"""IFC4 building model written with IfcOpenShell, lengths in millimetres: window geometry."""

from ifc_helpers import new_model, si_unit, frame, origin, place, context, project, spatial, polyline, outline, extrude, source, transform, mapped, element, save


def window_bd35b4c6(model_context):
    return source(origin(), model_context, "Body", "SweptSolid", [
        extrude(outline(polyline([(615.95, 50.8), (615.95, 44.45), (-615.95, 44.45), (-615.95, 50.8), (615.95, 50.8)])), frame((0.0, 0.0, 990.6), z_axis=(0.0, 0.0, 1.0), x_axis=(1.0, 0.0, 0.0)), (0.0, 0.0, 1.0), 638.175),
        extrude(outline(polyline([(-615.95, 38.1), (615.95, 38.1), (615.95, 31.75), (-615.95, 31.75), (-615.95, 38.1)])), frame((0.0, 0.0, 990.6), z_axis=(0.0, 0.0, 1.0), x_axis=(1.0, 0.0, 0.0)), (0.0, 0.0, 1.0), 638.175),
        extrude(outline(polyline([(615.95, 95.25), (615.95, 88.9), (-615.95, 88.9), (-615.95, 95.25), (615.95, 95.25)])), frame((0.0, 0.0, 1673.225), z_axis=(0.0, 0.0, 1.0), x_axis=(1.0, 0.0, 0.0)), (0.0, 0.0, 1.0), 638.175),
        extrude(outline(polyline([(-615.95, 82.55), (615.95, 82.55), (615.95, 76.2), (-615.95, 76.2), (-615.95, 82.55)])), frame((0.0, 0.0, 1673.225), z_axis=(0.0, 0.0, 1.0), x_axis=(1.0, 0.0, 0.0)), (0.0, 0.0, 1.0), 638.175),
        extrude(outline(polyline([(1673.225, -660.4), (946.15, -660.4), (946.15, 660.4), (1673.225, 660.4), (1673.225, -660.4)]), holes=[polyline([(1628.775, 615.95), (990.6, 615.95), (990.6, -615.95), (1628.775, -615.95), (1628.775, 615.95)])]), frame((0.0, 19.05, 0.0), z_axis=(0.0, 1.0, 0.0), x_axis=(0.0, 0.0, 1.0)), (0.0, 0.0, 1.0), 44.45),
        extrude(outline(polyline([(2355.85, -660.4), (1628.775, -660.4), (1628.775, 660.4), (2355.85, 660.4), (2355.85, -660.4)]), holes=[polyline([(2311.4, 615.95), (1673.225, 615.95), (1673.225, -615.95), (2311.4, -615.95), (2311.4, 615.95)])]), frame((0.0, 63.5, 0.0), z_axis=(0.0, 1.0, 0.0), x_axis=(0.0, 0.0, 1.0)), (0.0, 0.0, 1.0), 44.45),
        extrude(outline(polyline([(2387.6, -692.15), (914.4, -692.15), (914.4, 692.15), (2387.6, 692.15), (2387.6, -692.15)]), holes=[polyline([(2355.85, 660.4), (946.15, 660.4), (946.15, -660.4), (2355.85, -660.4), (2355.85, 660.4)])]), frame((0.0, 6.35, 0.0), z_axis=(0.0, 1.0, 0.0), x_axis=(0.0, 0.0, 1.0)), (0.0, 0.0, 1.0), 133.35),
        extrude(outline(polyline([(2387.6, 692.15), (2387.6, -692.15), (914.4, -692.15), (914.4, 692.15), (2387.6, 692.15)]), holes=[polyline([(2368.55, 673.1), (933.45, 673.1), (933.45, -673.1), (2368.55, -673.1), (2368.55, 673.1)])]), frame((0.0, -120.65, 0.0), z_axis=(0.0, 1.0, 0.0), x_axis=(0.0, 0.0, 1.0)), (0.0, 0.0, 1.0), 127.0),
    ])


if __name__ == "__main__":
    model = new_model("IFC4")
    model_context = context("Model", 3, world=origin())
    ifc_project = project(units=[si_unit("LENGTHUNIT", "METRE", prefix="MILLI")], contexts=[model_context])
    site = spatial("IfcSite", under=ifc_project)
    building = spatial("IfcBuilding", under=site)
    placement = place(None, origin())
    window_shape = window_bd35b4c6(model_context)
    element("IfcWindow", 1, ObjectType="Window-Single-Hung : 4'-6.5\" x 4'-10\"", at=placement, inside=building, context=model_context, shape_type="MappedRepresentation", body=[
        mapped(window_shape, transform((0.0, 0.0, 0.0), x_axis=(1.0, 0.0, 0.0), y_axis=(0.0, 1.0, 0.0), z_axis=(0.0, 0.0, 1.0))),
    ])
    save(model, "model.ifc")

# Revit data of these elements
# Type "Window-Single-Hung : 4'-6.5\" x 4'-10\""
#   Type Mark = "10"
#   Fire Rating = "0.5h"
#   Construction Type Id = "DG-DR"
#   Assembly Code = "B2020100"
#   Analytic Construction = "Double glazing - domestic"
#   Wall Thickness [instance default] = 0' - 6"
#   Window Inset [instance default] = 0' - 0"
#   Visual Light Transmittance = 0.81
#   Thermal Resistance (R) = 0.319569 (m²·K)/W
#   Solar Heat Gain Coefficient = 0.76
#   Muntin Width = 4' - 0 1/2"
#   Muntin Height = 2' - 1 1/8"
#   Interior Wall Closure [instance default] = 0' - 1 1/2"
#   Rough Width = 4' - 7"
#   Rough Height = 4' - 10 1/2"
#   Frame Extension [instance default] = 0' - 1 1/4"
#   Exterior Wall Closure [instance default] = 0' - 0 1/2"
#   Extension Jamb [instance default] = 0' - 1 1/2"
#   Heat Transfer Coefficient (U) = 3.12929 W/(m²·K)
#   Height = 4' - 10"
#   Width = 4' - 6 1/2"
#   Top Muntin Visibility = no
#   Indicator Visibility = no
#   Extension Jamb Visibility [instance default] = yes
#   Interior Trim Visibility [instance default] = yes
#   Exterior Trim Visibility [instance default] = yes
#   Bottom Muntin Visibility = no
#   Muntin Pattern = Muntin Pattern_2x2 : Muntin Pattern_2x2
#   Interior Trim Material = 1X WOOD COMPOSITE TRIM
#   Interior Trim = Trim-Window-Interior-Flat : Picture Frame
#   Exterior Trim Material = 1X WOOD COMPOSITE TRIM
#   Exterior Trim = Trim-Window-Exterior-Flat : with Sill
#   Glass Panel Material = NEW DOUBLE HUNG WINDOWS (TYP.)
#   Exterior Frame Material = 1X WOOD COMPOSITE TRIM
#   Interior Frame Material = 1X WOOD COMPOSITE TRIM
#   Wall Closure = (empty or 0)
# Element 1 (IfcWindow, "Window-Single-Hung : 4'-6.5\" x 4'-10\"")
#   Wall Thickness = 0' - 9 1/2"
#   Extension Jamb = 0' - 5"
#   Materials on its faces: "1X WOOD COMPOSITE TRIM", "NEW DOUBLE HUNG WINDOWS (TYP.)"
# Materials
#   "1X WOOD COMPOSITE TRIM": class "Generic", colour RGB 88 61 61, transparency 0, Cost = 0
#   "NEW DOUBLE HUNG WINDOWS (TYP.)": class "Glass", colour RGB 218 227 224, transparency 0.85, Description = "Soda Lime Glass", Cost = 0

**Requirement:** The required output is the lines from the one holding "Interior Trim Visibility [instance default] = yes" through the last line of the entries above, copied exactly.

**Reply:**
#   Interior Trim Visibility [instance default] = yes
#   Exterior Trim Visibility [instance default] = yes
#   Bottom Muntin Visibility = no
#   Muntin Pattern = Muntin Pattern_2x2 : Muntin Pattern_2x2
#   Interior Trim Material = 1X WOOD COMPOSITE TRIM
#   Interior Trim = Trim-Window-Interior-Flat : Picture Frame
#   Exterior Trim Material = 1X WOOD COMPOSITE TRIM
#   Exterior Trim = Trim-Window-Exterior-Flat : with Sill
#   Glass Panel Material = NEW DOUBLE HUNG WINDOWS (TYP.)
#   Exterior Frame Material = 1X WOOD COMPOSITE TRIM
#   Interior Frame Material = 1X WOOD COMPOSITE TRIM
#   Wall Closure = (empty or 0)
# Element 1 (IfcWindow, "Window-Single-Hung : 4'-6.5\" x 4'-10\"")
#   Wall Thickness = 0' - 9 1/2"
#   Extension Jamb = 0' - 5"
#   Materials on its faces: "1X WOOD COMPOSITE TRIM", "NEW DOUBLE HUNG WINDOWS (TYP.)"
# Materials
#   "1X WOOD COMPOSITE TRIM": class "Generic", colour RGB 88 61 61, transparency 0, Cost = 0
#   "NEW DOUBLE HUNG WINDOWS (TYP.)": class "Glass", colour RGB 218 227 224, transparency 0.85, Description = "Soda Lime Glass", Cost = 0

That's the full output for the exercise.